RDA P3: PID Information Types WG session summary
2 session slots: Wed, 13:30-15:00 and 15:30-17:00
The working session of the PID Information Types WG (PIT WG) at the 3rd RDA Plenary focused on in-depth conceptual and technical discussions on the scope and functionality of its main deliverable, an Application Programming Interface (API) for interaction with typed information closely associated with Persistent Identifiers (PIDs). The session also addressed critical issues of typing for PID information in a larger context and the implementation and finalization plans for the remaining WG lifetime. Towards the end of the session, some motivating type examples were gathered which well illustrate the intended use of the PIT mechanisms.
One first important scope-related discussion item was the recurring debate on the relationship between PID records and object metadata and an overall governance process deemed to be necessary. It was emphasized that the PIT API and the larger framework around it will not establish strict rules on what belongs into a PID record and what is better kept as a separate (and, preferably, persistently identified) object. The debate in the Terminology WG on internal and external properties could help, but the view within PIT is that the API is agnostic towards the information stored using it. There should and will not be a “one size fits all” approach; individual communities and disciplines will have to establish their own understanding of what their essential properties are and possibly enforce adequate policies. The PIT view is to motivate and sustainably support such processes by offering the necessary functionality to structure PID information, so that eventually cross-community properties can emerge. This is however a larger cultural and distinctly non-technical process. The issue of longer-term governance of types was briefly discussed and it was agreed that the PIT WG will not govern the future creation of types, particularly given its limited lifetime.
A possible conceptual model to be determined as part of an interesting area of future research revolves around the question where to store information, and thus which properties to establish at a PID level. Core research questions, pointed out by Bob Kahn in particular, are what information to store in a rapid resolution part and what information to better keep in external metadata storage. Can we formulate useful policies independent from particular disciplines for that?
An important terminological inconsistency detected during the session was the multiple usage of the term type and the idea of typing at more than just one central point in the PIT API. The use of the term type was discovered to be very ambiguous. The WG must work towards a more precise description of its concepts. A possible alternative term for at least one of the typing concept was “cluster”, which does not seem to conflict with other terms established in the communities of the WG participants. Thus, properties will be defined as triples of name, value and value type; Types as clusters of one or more properties; and Profiles as clusters of types.
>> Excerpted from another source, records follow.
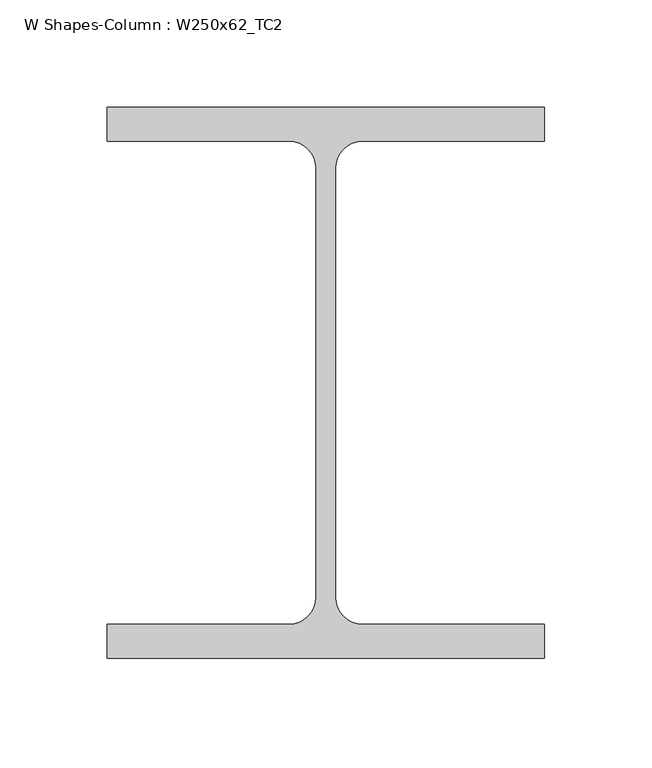
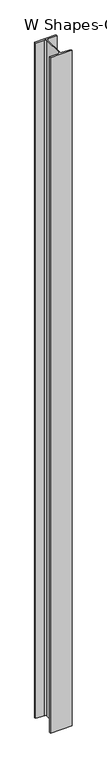
"""IFC4 building model written with IfcOpenShell, lengths in millimetres: column geometry, W Shapes-Column : W250x62_TC2."""

from ifc_helpers import new_model, si_unit, point, frame, frame_2d, origin, place, context, project, spatial, polyline, circle_curve, trimmed, segment, composite_curve, outline, extrude, source, transform, mapped, element, save


def w_shapes_column_w250x62_tc2_9f98f3c0(model_context):
    return source(origin(), model_context, "Body", "SweptSolid", [
        extrude(outline(composite_curve([segment(polyline([(101.854, 128.27), (101.854, 112.522), (17.145, 112.522)]), True, "CONTINUOUS"), segment(trimmed(circle_curve(frame_2d((17.145, 99.822)), 12.7), [point((17.145, 112.522))], [point((4.445, 99.822))], True, "CARTESIAN"), True, "CONTINUOUS"), segment(polyline([(4.445, 99.822), (4.445, -99.822)]), True, "CONTINUOUS"), segment(trimmed(circle_curve(frame_2d((17.145, -99.822)), 12.7), [point((4.445, -99.822))], [point((17.145, -112.522))], True, "CARTESIAN"), True, "CONTINUOUS"), segment(polyline([(17.145, -112.522), (101.854, -112.522), (101.854, -128.27), (-101.854, -128.27), (-101.854, -112.522), (-17.145, -112.522)]), True, "CONTINUOUS"), segment(trimmed(circle_curve(frame_2d((-17.145, -99.822)), 12.7), [point((-17.145, -112.522))], [point((-4.445, -99.822))], True, "CARTESIAN"), True, "CONTINUOUS"), segment(polyline([(-4.445, -99.822), (-4.445, 99.822)]), True, "CONTINUOUS"), segment(trimmed(circle_curve(frame_2d((-17.145, 99.822)), 12.7), [point((-4.445, 99.822))], [point((-17.145, 112.522))], True, "CARTESIAN"), True, "CONTINUOUS"), segment(polyline([(-17.145, 112.522), (-101.854, 112.522), (-101.854, 128.27), (101.854, 128.27)]), True, "CONTINUOUS")], self_intersect=False)), frame((0.0, 0.0, 200.0), z_axis=(0.0, 0.0, 1.0), x_axis=(1.0, 0.0, 0.0)), (0.0, 0.0, 1.0), 6750.0),
    ])


if __name__ == "__main__":
    model = new_model("IFC4")
    model_context = context("Model", 3, world=origin())
    ifc_project = project(units=[si_unit("LENGTHUNIT", "METRE", prefix="MILLI")], contexts=[model_context])
    site = spatial("IfcSite", under=ifc_project)
    building = spatial("IfcBuilding", under=site)
    placement = place(None, origin())
    w_shapes_column_w250x62_tc2_shape = w_shapes_column_w250x62_tc2_9f98f3c0(model_context)
    element("IfcColumn", 1, ObjectType="W Shapes-Column : W250x62_TC2", at=placement, inside=building, context=model_context, shape_type="MappedRepresentation", body=[
        mapped(w_shapes_column_w250x62_tc2_shape, transform((0.0, 0.0, 0.0), x_axis=(1.0, 0.0, 0.0), y_axis=(0.0, 1.0, 0.0), z_axis=(0.0, 0.0, 1.0))),
    ])
    save(model, "model.ifc")

# Revit data of these elements
# Type "W Shapes-Column : W250x62_TC2"
#   Section Name Key = "W10X45"
#   Assembly Code = "B10"
#   Width = 20.3708 cm
#   Web Thickness = 0.889 cm
#   Web Fillet = 1.27 cm
#   Warping Constant = 322243.0 cm⁶
#   Torsional Moment of Inertia = 62.8509 cm⁴
#   Section Area = 85.8063 cm²
#   Plastic Modulus weak axis = 332.657 cm³
#   Plastic Modulus strong axis = 899.65 cm³
#   Perimeter = 1.28778 m²/m
#   Nominal Weight = 66.9674 kgf/m
#   Moment of Inertia weak axis = 2222.68 cm⁴
#   Moment of Inertia strong axis = 10322.54 cm⁴
#   Height = 25.654 cm
#   Flange Thickness = 1.5748 cm
#   Elastic Modulus weak axis = 217.948 cm³
#   Elastic Modulus strong axis = 804.605 cm³
#   Clear Web Height = 19.05 cm
#   Centroid Vertical = 12.827 cm
#   Centroid Horizontal = 10.1854 cm
#   Bolt Spacing = 13.97 cm
#   Structural Material [instance default] = Steel ASTM A992
#   Principal Axes Angle = 0
# Element 1 (IfcColumn, "W Shapes-Column : W250x62_TC2")
#   Structural Material = none
# Materials
#   "Steel ASTM A992": class "Metal", colour RGB 199 199 199, transparency 0, Description = "Structural steel 50ksi", Cost = 0
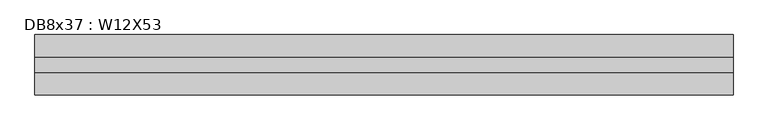
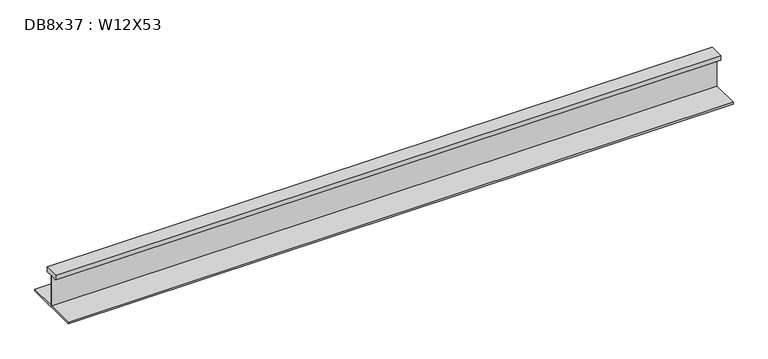
"""IFC4 building model written with IfcOpenShell, lengths in millimetres: beam geometry, DB8x37 : W12X53."""

import ifcopenshell
import ifcopenshell.guid

model = None  # the IFC model being written
_history = None  # IfcOwnerHistory: only IFC2X3 demands one
_inside = {}  # id of a spatial element -> (the spatial element, [elements in it])
_under = {}  # id of a project, library or spatial element -> (it, [spatial elements below it])
_declared = {}  # id of a project -> (the project, [libraries it declares])
_typed = {}  # id of a type object -> (the type object, [elements of that type])
_made_of = {}  # id of a material, layer set ... -> (it, [elements and type objects made of it])


def new_model(schema):
    """Start an empty IFC model of exactly this schema.

    Asked for "IFC4X3", IfcOpenShell would pick the latest addendum, in which some entities
    have other attributes; the version numbers below select the first issue.
    IFC2X3 requires an IfcOwnerHistory on every rooted entity: one is made here for all.
    """
    global model, _history
    if schema == "IFC4X3":
        model = ifcopenshell.file(schema_version=(4, 3, 0, 0))
    else:
        model = ifcopenshell.file(schema=schema)
    _inside.clear()
    _under.clear()
    _declared.clear()
    _typed.clear()
    _made_of.clear()
    _history = None
    if model.schema == "IFC2X3":
        org = make("IfcOrganization", Name="unknown")
        user = make(
            "IfcPersonAndOrganization",
            ThePerson=make("IfcPerson", FamilyName="unknown"),
            TheOrganization=org,
        )
        app = make(
            "IfcApplication",
            ApplicationDeveloper=org,
            Version="unknown",
            ApplicationFullName="unknown",
            ApplicationIdentifier="unknown",
        )
        _history = make(
            "IfcOwnerHistory",
            OwningUser=user,
            OwningApplication=app,
            ChangeAction="ADDED",
            CreationDate=0,
        )
    return model


def make(cls, **values):
    """One entity of the class cls with the attributes given. An attribute that is None is left unset."""
    return model.create_entity(
        cls, **{name: value for name, value in values.items() if value is not None}
    )


def rooted(cls, **values):
    """An entity with a GlobalId (a new one), such as an element, a storey or a relation."""
    return make(cls, GlobalId=ifcopenshell.guid.new(), OwnerHistory=_history, **values)


def si_unit(unit_type, name, prefix=None):
    """IfcSIUnit, for example si_unit("LENGTHUNIT", "METRE", prefix="MILLI")."""
    return make("IfcSIUnit", UnitType=unit_type, Prefix=prefix, Name=name)


def assignment(units):
    """IfcUnitAssignment: the units of a project."""
    return None if units is None else make("IfcUnitAssignment", Units=units)


def point(xyz):
    """IfcCartesianPoint."""
    return None if xyz is None else make("IfcCartesianPoint", Coordinates=xyz)


def direction(xyz):
    """IfcDirection."""
    return None if xyz is None else make("IfcDirection", DirectionRatios=xyz)


def frame(location, z_axis=None, x_axis=None):
    """IfcAxis2Placement3D, a coordinate frame: its origin and axes. An axis left out is left unset."""
    return make(
        "IfcAxis2Placement3D",
        Location=point(location),
        Axis=direction(z_axis),
        RefDirection=direction(x_axis),
    )


def origin():
    """The frame at (0, 0, 0) with its axes left unset."""
    return frame((0.0, 0.0, 0.0))


def place(relative_to, where):
    """IfcLocalPlacement: puts the frame where relative to a parent placement (None: the world)."""
    return make(
        "IfcLocalPlacement", PlacementRelTo=relative_to, RelativePlacement=where
    )


def context(
    kind, dimensions, precision=None, world=None, true_north=None, identifier=None
):
    """IfcGeometricRepresentationContext, for example the 3D "Model" context."""
    return make(
        "IfcGeometricRepresentationContext",
        ContextIdentifier=identifier,
        ContextType=kind,
        CoordinateSpaceDimension=dimensions,
        Precision=precision,
        WorldCoordinateSystem=world,
        TrueNorth=true_north,
    )


def project(units=None, contexts=None):
    """IfcProject with its units and contexts."""
    return rooted(
        "IfcProject",
        Name="project",
        RepresentationContexts=contexts,
        UnitsInContext=assignment(units),
    )


def spatial(cls, under=None, at=None, **own):
    """A site, building, storey or space (cls), placed at a placement, below another one or the project."""
    s = rooted(cls, ObjectPlacement=at, **own)
    if under is not None:
        _under.setdefault(under.id(), (under, []))[1].append(s)
    return s


def polyline(points):
    """IfcPolyline through the points."""
    return make("IfcPolyline", Points=[point(p) for p in points])


def outline(outer, holes=None, kind="AREA"):
    """IfcArbitraryClosedProfileDef: a profile drawn as a closed curve; with holes, ...WithVoids."""
    if holes is None:
        return make("IfcArbitraryClosedProfileDef", ProfileType=kind, OuterCurve=outer)
    return make(
        "IfcArbitraryProfileDefWithVoids",
        ProfileType=kind,
        OuterCurve=outer,
        InnerCurves=holes,
    )


def extrude(swept, where, along, depth):
    """IfcExtrudedAreaSolid: the profile swept, set in the frame where, extruded along a direction by depth."""
    return make(
        "IfcExtrudedAreaSolid",
        SweptArea=swept,
        Position=where,
        ExtrudedDirection=direction(along),
        Depth=depth,
    )


def shape(context_of_items, identifier, shape_type, items):
    """IfcShapeRepresentation: the items that make up one representation, for example the "Body"."""
    return make(
        "IfcShapeRepresentation",
        ContextOfItems=context_of_items,
        RepresentationIdentifier=identifier,
        RepresentationType=shape_type,
        Items=items,
    )


def source(mapping_origin, context_of_items, identifier, shape_type, items):
    """IfcRepresentationMap: a shape defined once, which mapped items show again and again."""
    return make(
        "IfcRepresentationMap",
        MappingOrigin=mapping_origin,
        MappedRepresentation=shape(context_of_items, identifier, shape_type, items),
    )


def transform(
    local_origin,
    x_axis=None,
    y_axis=None,
    z_axis=None,
    scale=None,
    scale2=None,
    scale3=None,
    uniform=True,
):
    """IfcCartesianTransformationOperator3D, or its non-uniform kind. x_axis, y_axis, z_axis: its Axis1, 2, 3."""
    if uniform:
        return make(
            "IfcCartesianTransformationOperator3D",
            Axis1=direction(x_axis),
            Axis2=direction(y_axis),
            LocalOrigin=point(local_origin),
            Scale=scale,
            Axis3=direction(z_axis),
        )
    return make(
        "IfcCartesianTransformationOperator3DnonUniform",
        Axis1=direction(x_axis),
        Axis2=direction(y_axis),
        LocalOrigin=point(local_origin),
        Scale=scale,
        Axis3=direction(z_axis),
        Scale2=scale2,
        Scale3=scale3,
    )


def mapped(mapping_source, mapping_target):
    """IfcMappedItem: shows the shape of a source again, moved by a transform."""
    return make(
        "IfcMappedItem", MappingSource=mapping_source, MappingTarget=mapping_target
    )


def made_of(thing, what):
    """Note that an element or type object is made of a material, layer set ...; save() writes the relation."""
    if what is not None:
        _made_of.setdefault(what.id(), (what, []))[1].append(thing)
    return thing


def element(
    cls,
    number,
    at=None,
    inside=None,
    cuts=None,
    type_object=None,
    material=None,
    context=None,
    identifier="Body",
    shape_type=None,
    held_by="IfcProductDefinitionShape",
    body=None,
    shapes=None,
    **own,
):
    """One element of the class cls, such as IfcWall. Its Tag is "e" and its number.

    at: its placement. inside: the storey or other place that contains it. cuts: it is an
    opening in that element (IfcRelVoidsElement). A single representation is given by context,
    identifier, shape_type and body (its items); several are given by shapes. held_by: the class
    of the entity that holds the representations. save() writes the other relations.
    """
    e = rooted(cls, Tag="e%d" % number, ObjectPlacement=at, **own)
    if body is not None:
        shapes = [shape(context, identifier, shape_type, body)]
    if shapes is not None:
        e.Representation = make(held_by, Representations=shapes)
    if inside is not None:
        _inside.setdefault(inside.id(), (inside, []))[1].append(e)
    if cuts is not None:
        rooted(
            "IfcRelVoidsElement", RelatingBuildingElement=cuts, RelatedOpeningElement=e
        )
    if type_object is not None:
        _typed.setdefault(type_object.id(), (type_object, []))[1].append(e)
    return made_of(e, material)


def aggregate(whole, parts):
    """IfcRelAggregates: a whole, such as a stair, and the parts it consists of."""
    return rooted("IfcRelAggregates", RelatingObject=whole, RelatedObjects=parts)


def save(model, path):
    """Write the relations noted so far, then the file.

    IfcRelAggregates (storeys below a building ...), IfcRelContainedInSpatialStructure (elements
    in a storey), IfcRelDefinesByType, IfcRelAssociatesMaterial and IfcRelDeclares: one each for
    every whole, place, type object, material and project.
    """
    for whole, parts in _under.values():
        aggregate(whole, parts)
    for where, things in _inside.values():
        rooted(
            "IfcRelContainedInSpatialStructure",
            RelatedElements=things,
            RelatingStructure=where,
        )
    for kind, things in _typed.values():
        rooted("IfcRelDefinesByType", RelatedObjects=things, RelatingType=kind)
    for what, things in _made_of.values():
        rooted("IfcRelAssociatesMaterial", RelatedObjects=things, RelatingMaterial=what)
    for by, libraries in _declared.values():
        rooted("IfcRelDeclares", RelatingContext=by, RelatedDefinitions=libraries)
    model.write(path)


def db8x37_w12x53_4f632cbe(model_context):
    return source(origin(), model_context, "Body", "SweptSolid", [
        extrude(outline(polyline([(38.1, 145.415), (38.1, 120.015), (2.921, 120.015), (2.921, -48.4505), (152.4, -48.4505), (152.4, -58.1025), (-152.4, -58.1025), (-152.4, -48.4505), (-2.921, -48.4505), (-2.921, 120.015), (-38.1, 120.015), (-38.1, 145.415), (38.1, 145.415)])), frame((-1760.9030956, 0.0, 0.0), z_axis=(1.0, 0.0, 0.0), x_axis=(0.0, 1.0, 0.0)), (0.0, 0.0, 1.0), 3528.892742),
    ])


if __name__ == "__main__":
    model = new_model("IFC4")
    model_context = context("Model", 3, world=origin())
    ifc_project = project(units=[si_unit("LENGTHUNIT", "METRE", prefix="MILLI")], contexts=[model_context])
    site = spatial("IfcSite", under=ifc_project)
    building = spatial("IfcBuilding", under=site)
    placement = place(None, origin())
    db8x37_w12x53_shape = db8x37_w12x53_4f632cbe(model_context)
    element("IfcBeam", 1, ObjectType="DB8x37 : W12X53", at=placement, inside=building, context=model_context, shape_type="MappedRepresentation", body=[
        mapped(db8x37_w12x53_shape, transform((0.0, 0.0, 0.0), x_axis=(1.0, 0.0, 0.0), y_axis=(0.0, 1.0, 0.0), z_axis=(0.0, 0.0, 1.0))),
    ])
    save(model, "model.ifc")

# Revit data of these elements
# Type "DB8x37 : W12X53"
#   Assembly Code = "B10"
#   W = 53
#   Length [instance default] = 5' - 0"
#   bf = 0' - 10"
#   d = 1' - 0.1"
#   k = 0' - 1 3/8"
#   k2 = 0' - 0.8"
#   tf = 0' - 0.575"
#   tw = 0' - 0.345"
#   A = 0.108333 SF
#   Structural Material [instance default] = Steel ASTM A992
# Element 1 (IfcBeam, "DB8x37 : W12X53")
#   Materials on its faces: "Steel ASTM A992"
# Materials
#   "Steel ASTM A992": class "Metal", colour RGB 199 199 199, transparency 0, Description = "Structural steel 50ksi", Cost = 0

Concerns were also raised as to whether the third conceptual layer of Profiles is really required and could be dropped in view of simplicity. It could not be decided during the session precisely which arguments are in favor of keeping the Profiles layer, and it is expected that this discussion continues across WGs after the plenary. On another related topic it was agreed that there are practical scenarios calling for both global and local Profiles, and the API should support both alternatives.
The role of the type registry was also explained. One of its core features, the capability to search for types, was pointed out as a major functional dependency for the PIT API, which will not offer comparable capabilities.
The second session included a productive and creative brainstorming on possible type examples that should be included in the final WG deliverables to better illustrate the use of the PIT mechanisms. The examples gathered during the session show that the essential mechanics have been understood after the first session cleared up important terminological ambiguities. The gathered examples clearly show that a core set of value types can be determined, which particularly includes many uses of temporal and non-atomic (tuple) information. It was pointed out that the issue of encodings should be held back for the moment, transferring responsibility for serialization and deserialization to clients.
The session concluded with a short discussion of next steps. Implementation of the Java prototype will be done over summer, and the design and precise documentation of the RESTful API take a high priority since it represents a protocol specification highly desired by future adopters.